The Evolution of Identity Theft: Understanding ClickFix and ConsentFix

Defences get stronger, attackers get smarter.

And so it goes.

Now that strong MFA has made compromising identities a lot more difficult, attackers are increasingly looking for other ways to compromise accounts and organisations. Social engineering isn’t new, but what they are asking users to do is changing.

In this post we will look at ClickFix and ConsentFix; two methods that are gaining traction as they bypass traditional controls, tricking users into performing actions that grant attackers access without even realising it, and then we’ll look at how we can protect against them.

ClickFix

ClickFix is a sophisticated social engineering attack where attackers compromise the user by tricking them into performing dangerous actions. It can take many forms, but a common one is a fake website that shows an error and copies malicious commands to the clipboard in the background.

The user is then instructed to ‘fix’ the error by pressing Windows+R, then CTRL+V, then hit enter. This pastes the malicious code into the run dialogue and executes it. The code then runs in the background, potentially installing infostealers like Lumma Stealer or Vidar.

Attackers are favouring this method because it bypasses the numerous scans that both the browser and operating system perform to check for malware. As far as Windows knows, the user has executed a command entirely of their own volition!

Attackers may also encode the command using Base64 encoding, making it appear mostly gibberish. Either way, for non-technical users it can be an easy trap to fall into.

This blog post is an excellent deep dive investigation into a fake Google Meet ClickFix campaign.

ConsentFix

If ClickFix is looking for access to the local machine to extract data, ConsentFix is after a Microsoft 365 or Azure tenant to compromise.

ConsentFix often uses a fake verification page (frequently impersonating Cloudflare CAPTCHA), but instead of a puzzle or pictures of cars it asks the user to sign in to their account. The clever part is the attacker uses the legitimate Microsoft sign-in page to authenticate the user. They can do this because it isn’t after the credentials.

They’re after the redirect URL.

When an OAuth app is registered, it listens for a reply, which is where Microsoft redirects the browser to after authenticating. But because it isn’t a legitimate OAuth request, nothing is listening, so the browser shows an error. The URL is still in the address bar though, and this contains an authorisation code.

The attacker then tells the user Hey, let me help you with this error. Just send me the URL of the error page and I’ll sort that.

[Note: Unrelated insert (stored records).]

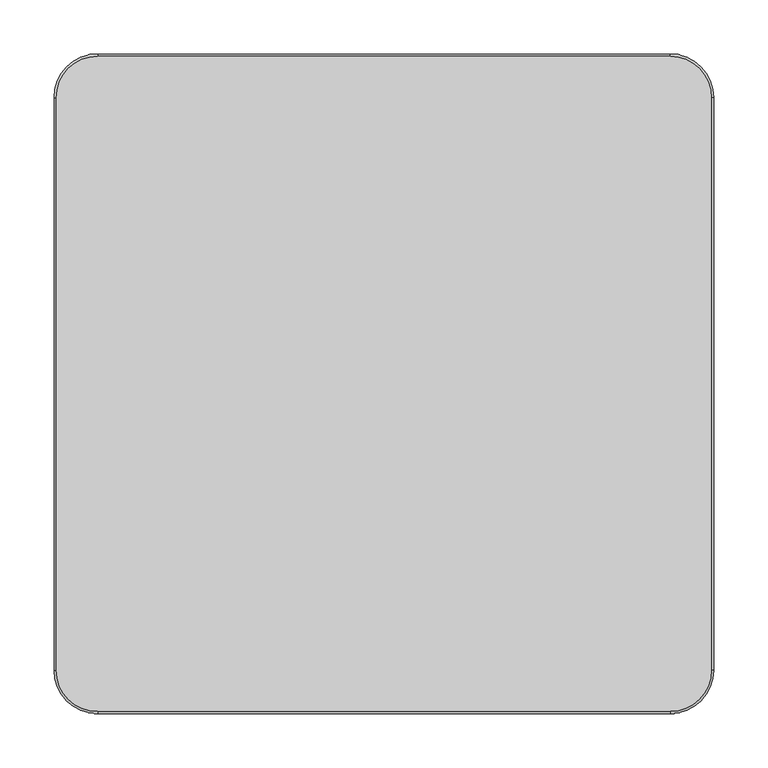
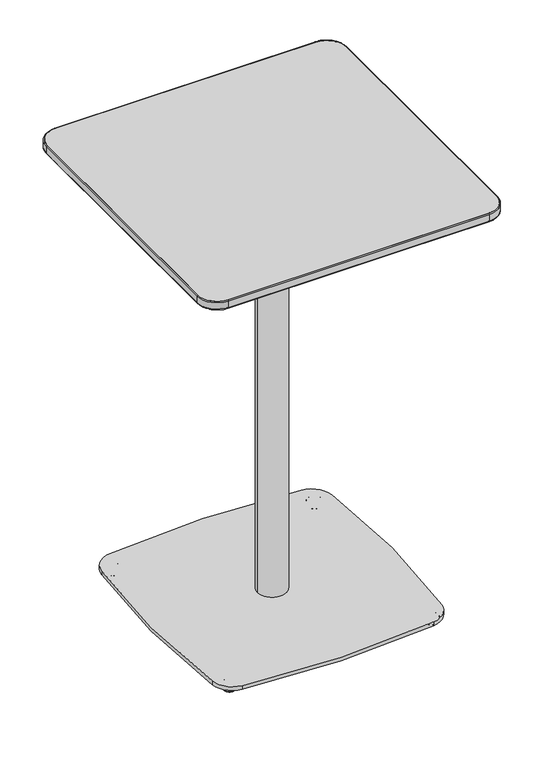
"""IFC4 building model written with IfcOpenShell, lengths in millimetres: furniture geometry, Coalesse_AM_Table_Occasional_Montara650Table_CafeHeight_Square : Counter Height - 24D x 24W."""

from ifc_helpers import new_model, si_unit, point, frame, frame_2d, origin, place, context, project, spatial, polyline, circle_curve, ellipse_curve, trimmed, segment, composite_curve, outline, extrude, source, transform, mapped, element, save
from ifc_brep_helpers import plane_surface, cylinder_surface, revolved_surface, spline_surface, advanced_brep


def furniture_91c41395(model_context):
    return source(origin(), model_context, "Body", "SolidModel", [
        advanced_brep(
        [(-199.4595416, -196.2537842, 0.0), (-209.8436061, -214.2395115, 0.0), (-204.6515739, -205.2466479, 0.0), (-199.0731063, -195.5844585, 0.5718943), (-210.2300415, -214.9088372, 0.5718943), (-197.4473977, -192.7686487, 11.2068005), (-211.8557501, -217.7246471, 11.2068005), (-197.7408617, -193.2769433, 11.9999882), (-211.5622861, -217.2163525, 11.9999882), (-204.6515739, -205.2466479, 11.9999882)],
        [
            (0, 1, circle_curve(frame((-204.6515739, -205.2466479, 0.0), z_axis=(0.0, 0.0, -1.0), x_axis=(-0.5000000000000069, -0.8660254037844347, 0.0)), 10.3840645)),
            (1, 2),
            (2, 0),
            (1, 0, circle_curve(frame((-204.6515739, -205.2466479, 0.0), z_axis=(0.0, 0.0, -1.0), x_axis=(-0.5000000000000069, -0.8660254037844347, 0.0)), 10.3840645)),
            (3, 4, circle_curve(frame((-204.6515739, -205.2466479, 0.5718943), z_axis=(0.0, 0.0, -1.0), x_axis=(-0.5000000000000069, -0.8660254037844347, 0.0)), 11.1569353)),
            (4, 1, circle_curve(frame((-209.8436061, -214.2395115, 0.8081846), z_axis=(0.8660254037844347, -0.5000000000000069, 0.0), x_axis=(-0.5000000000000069, -0.8660254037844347, 0.0)), 0.8081846)),
            (0, 3, circle_curve(frame((-199.4595416, -196.2537842, 0.8081846), z_axis=(0.866025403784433, -0.5000000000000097, 0.0), x_axis=(0.5000000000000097, 0.866025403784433, 0.0)), 0.8081846)),
            (4, 3, circle_curve(frame((-204.6515739, -205.2466479, 0.5718943), z_axis=(0.0, 0.0, -1.0), x_axis=(-0.5000000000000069, -0.8660254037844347, 0.0)), 11.1569353)),
            (5, 6, circle_curve(frame((-204.6515739, -205.2466479, 11.2068005), z_axis=(0.0, 0.0, -1.0), x_axis=(-0.5000000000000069, -0.8660254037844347, 0.0)), 14.4083524)),
            (6, 4),
            (3, 5),
            (6, 5, circle_curve(frame((-204.6515739, -205.2466479, 11.2068005), z_axis=(0.0, 0.0, -1.0), x_axis=(-0.5000000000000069, -0.8660254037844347, 0.0)), 14.4083524)),
            (7, 8, circle_curve(frame((-204.6515739, -205.2466479, 11.9999882), z_axis=(0.0, 0.0, -1.0), x_axis=(-0.5000000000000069, -0.8660254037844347, 0.0)), 13.8214243)),
            (8, 6, circle_curve(frame((-211.5622861, -217.2163525, 11.3862424), z_axis=(0.8660254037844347, -0.5000000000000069, 0.0), x_axis=(-0.5000000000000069, -0.8660254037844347, 0.0)), 0.6137458)),
            (5, 7, circle_curve(frame((-197.7408617, -193.2769433, 11.3862424), z_axis=(0.866025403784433, -0.5000000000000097, 0.0), x_axis=(0.5000000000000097, 0.866025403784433, 0.0)), 0.6137458)),
            (8, 7, circle_curve(frame((-204.6515739, -205.2466479, 11.9999882), z_axis=(0.0, 0.0, -1.0), x_axis=(-0.5000000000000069, -0.8660254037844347, 0.0)), 13.8214243)),
            (9, 8),
            (7, 9),
        ],
        [
            plane_surface(frame((-204.6515739, -205.2466479, 0.0), z_axis=(0.0, 0.0, -1.0), x_axis=(-0.5000000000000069, -0.8660254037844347, 0.0))),
            revolved_surface(trimmed(ellipse_curve(frame((-209.8436061, -214.2395115, 0.8081846), z_axis=(-0.8660254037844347, 0.5000000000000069, 0.0), x_axis=(-0.5000000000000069, -0.8660254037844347, 0.0)), 0.8081846, 0.8081846), [point((-209.8436061, -214.2395115, 0.0))], [point((-210.2300415, -214.9088372, 0.5718943))], True, "CARTESIAN"), (-204.6515739, -205.2466479, 12.2086845), (0.0, 0.0, 1.0)),
            revolved_surface(polyline([(-210.2300415, -214.9088372, 0.5718943), (-211.8557501, -217.7246471, 11.2068005)]), (-204.6515739, -205.2466479, 12.2086845), (0.0, 0.0, 1.0)),
            revolved_surface(trimmed(ellipse_curve(frame((-211.5622861, -217.2163525, 11.3862424), z_axis=(-0.8660254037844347, 0.5000000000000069, 0.0), x_axis=(-0.5000000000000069, -0.8660254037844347, 0.0)), 0.6137458, 0.6137458), [point((-211.8557501, -217.7246471, 11.2068005))], [point((-211.5622861, -217.2163525, 11.9999882))], True, "CARTESIAN"), (-204.6515739, -205.2466479, 12.2086845), (0.0, 0.0, 1.0)),
            plane_surface(frame((-204.6515739, -205.2466479, 11.9999882), z_axis=(0.0, 0.0, 1.0), x_axis=(-0.5000000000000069, -0.8660254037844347, 0.0))),
        ],
        [
            (0, [[1, 2, 3]]),
            (0, [[4, -3, -2]]),
            (1, [[5, 6, -1, 7]]),
            (1, [[8, -7, -4, -6]]),
            (2, [[9, 10, -5, 11]]),
            (2, [[12, -11, -8, -10]]),
            (3, [[13, 14, -9, 15]]),
            (3, [[16, -15, -12, -14]]),
            (4, [[17, -13, 18]]),
            (4, [[-18, -16, -17]]),
        ],
    ),
        advanced_brep(
        [(204.6515739, -205.2466479, 0.0), (209.8436061, -214.2395115, 0.0), (199.4595416, -196.2537842, 0.0), (210.2300415, -214.9088372, 0.5718943), (199.0731063, -195.5844585, 0.5718943), (211.8557501, -217.7246471, 11.2068005), (197.4473977, -192.7686487, 11.2068005), (211.5622861, -217.2163525, 11.9999882), (197.7408617, -193.2769433, 11.9999882), (204.6515739, -205.2466479, 11.9999882)],
        [
            (0, 1),
            (1, 2, circle_curve(frame((204.6515739, -205.2466479, 0.0), z_axis=(0.0, 0.0, -1.0), x_axis=(0.5000000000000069, -0.8660254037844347, 0.0)), 10.3840645)),
            (2, 0),
            (2, 1, circle_curve(frame((204.6515739, -205.2466479, 0.0), z_axis=(0.0, 0.0, -1.0), x_axis=(0.5000000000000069, -0.8660254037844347, 0.0)), 10.3840645)),
            (1, 3, circle_curve(frame((209.8436061, -214.2395115, 0.8081846), z_axis=(-0.8660254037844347, -0.5000000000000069, 0.0), x_axis=(0.5000000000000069, -0.8660254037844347, 0.0)), 0.8081846)),
            (3, 4, circle_curve(frame((204.6515739, -205.2466479, 0.5718943), z_axis=(0.0, 0.0, -1.0), x_axis=(0.5000000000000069, -0.8660254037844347, 0.0)), 11.1569353)),
            (4, 2, circle_curve(frame((199.4595416, -196.2537842, 0.8081846), z_axis=(-0.866025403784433, -0.5000000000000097, 0.0), x_axis=(-0.5000000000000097, 0.866025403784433, 0.0)), 0.8081846)),
            (4, 3, circle_curve(frame((204.6515739, -205.2466479, 0.5718943), z_axis=(0.0, 0.0, -1.0), x_axis=(0.5000000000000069, -0.8660254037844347, 0.0)), 11.1569353)),
            (3, 5),
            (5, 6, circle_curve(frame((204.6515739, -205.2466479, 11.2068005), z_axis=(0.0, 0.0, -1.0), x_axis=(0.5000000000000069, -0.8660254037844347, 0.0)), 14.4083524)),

Once the attacker has that URL they can get the code, exchange it for an access token, and gain full delegated access to the user's corporate environment, completely bypassing MFA and passkeys because the initial login was legitimate. Even if it is only a ‘standard’ user, not an admin, the attacker can still do an awful lot of damage.

Mitigations

These are social engineering attacks, so a large part of the mitigation is educating users not to paste content if asked to, and to recognise fake CAPTCHAs and websites.

There are also some technical mitigation’s administrators can perform:

ClickFix

1. Disable the Run dialog box. This should stop the attack, unless the user is being engineered over the phone, where the attacker can pivot to cmd or PowerShell.
2. Use Microsoft Attack Surface Reduction rules to block processes running from user folders. This means that if the user does run the attackers script, it can’t start up any processes.
3. Enable PowerShell Script Block Logging. This doesn’t stop the command running, but it ensures that if it has been obfuscated then the plaintext version is stored in the logs, making investigations and postmortems easier.

ConsentFix

1. Prevent users consenting to apps. In Entra, you can force an admin consent workflow that requires authorisation before any consent is granted.
2. Token Binding. Here we are again. The most effective way to stop attackers stealing tokens is to make them useless if they don’t have access to the device itself. By binding the token to the device (check out this post), the attacker cannot use the token in the URL.
3. Only allow verified publishers. This ensures the only apps that can be consented to are apps that have been published by companies vetted by Microsoft.

Conclusion

As admins we’re used to users inadvertently working against us. Sure, they mean well, but we all know users that would fall for these attacks all to easily. A well rounded security posture should already have controls in place to mitigate these attacks, but it is worth checking.